58 We are somewhat puzzled by this. If the Appellants believed that local lawyers were mistaken in their views on the merits of the case, then the Appellants should not only have explained this when seeking to establish that there was “special reason” to warrant their admission, but they could have attempted to persuade their local counterparts that, in fact, there were merits in the case, and that the local lawyers should therefore take up the engagement to represent the Claimants. The Claimants’ cases in CA 2 and SUM 16 hinge primarily on points of law; there was no need for the Claimants personally to brief local lawyers on why their views on CA 2 and SUM 16 were mistaken; nor was there any realistic possibility of this happening, if, as was suggested, this turned on complex points of law. If that were the case, then plainly, the Appellants would be better placed to explain to local lawyers why their assessment of the Claimants’ case was wrong. However, there is nothing to suggest that this was done, and they have not explained why.
59 In these circumstances, even if the Appellants could satisfy the Special Reason Stage such that we had reached the Notification Matters Stage, this factor would not have been a cogent one in favour of the Claimants.
Conclusion
60 For these reasons, we uphold the decision of the Judge below and dismiss the appeals.

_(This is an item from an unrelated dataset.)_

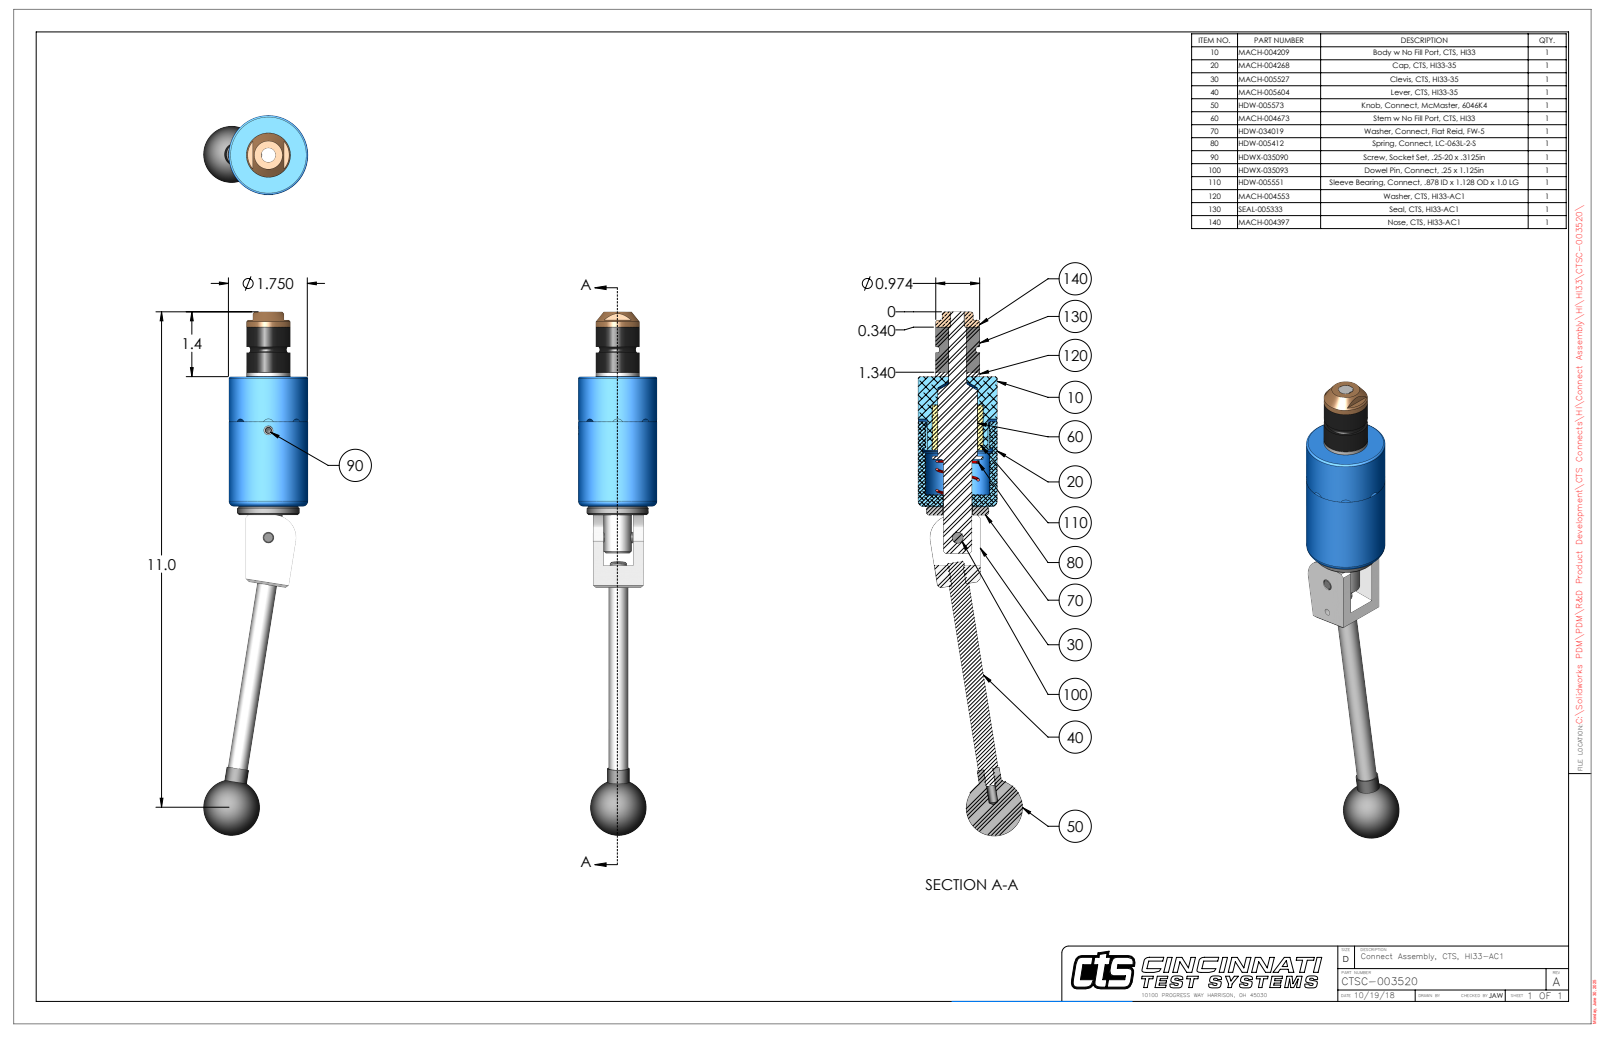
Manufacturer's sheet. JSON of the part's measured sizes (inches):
{"part_name": "CTSC-003520", "step_written_by": "SolidWorks 2023 (AUTOMOTIVE_DESIGN)", "units": "inches", "bodies": {"solids": 9, "faces": 232, "planar": 78, "cylindrical": 95, "other": 59}, "overall_size": [11.613, 2.312, 1.75], "volume_in3": 11.12, "surface_area_in2": 63.07, "round_holes": [[0.201, 2], [0.313, 2], [0.15, 1], [0.249, 1], [0.251, 1], [0.39, 1], [0.397, 1], [0.403, 1], [0.635, 1], [0.656, 1], [1.419, 1]], "round_bosses_or_shafts": [[0.375, 2], [0.312, 2], [0.25, 2], [1.75, 1], [1.38, 1], [0.974, 1], [0.625, 1], [0.5, 1]], "partial_cylinders_radius": [[0.125, 4], [0.029, 2], [0.5, 1], [0.695, 1], [0.837, 1]], "face_to_face_distances": [2.878, 1.098, 1, 1.12, 3.976, 4.164, 3.066, 0.188, 0.098, 2.976], "hole_center_spacings": [0.74, 2.376, 3.116]}

61 The Respondents have sought costs. Even though the applications and appeals were taken out under the names of the Appellants, the real parties in interest are the Claimants, and ordinarily, they should bear the costs: see Re De Lacy Richard QC [2003] 4 SLR(R) 23 at [26]–[27]. However, in the present circumstances, we make no order as to costs.
Sundaresh Menon Chief Justice | Belinda Ang Saw Ean Justice of the Court of Appeal |
Judith Prakash Senior Judge | |
The appellants in CA/CA 16/2024 and CA/CA 17/2024 in person;
The claimants in HC/OA 480/2022 in person;
Hay Hung Chun, Theong Li Han and Poh Hui Jing Claire (Attorney-General’s Chambers) for the first respondent in CA/CA 16/2024 and CA/CA 17/2024;
Christopher Anand s/o Daniel and Saadhvika Jayanth (Advocatus Law LLP) for the second respondent in CA/CA 16/2024 and CA/CA 17/2024.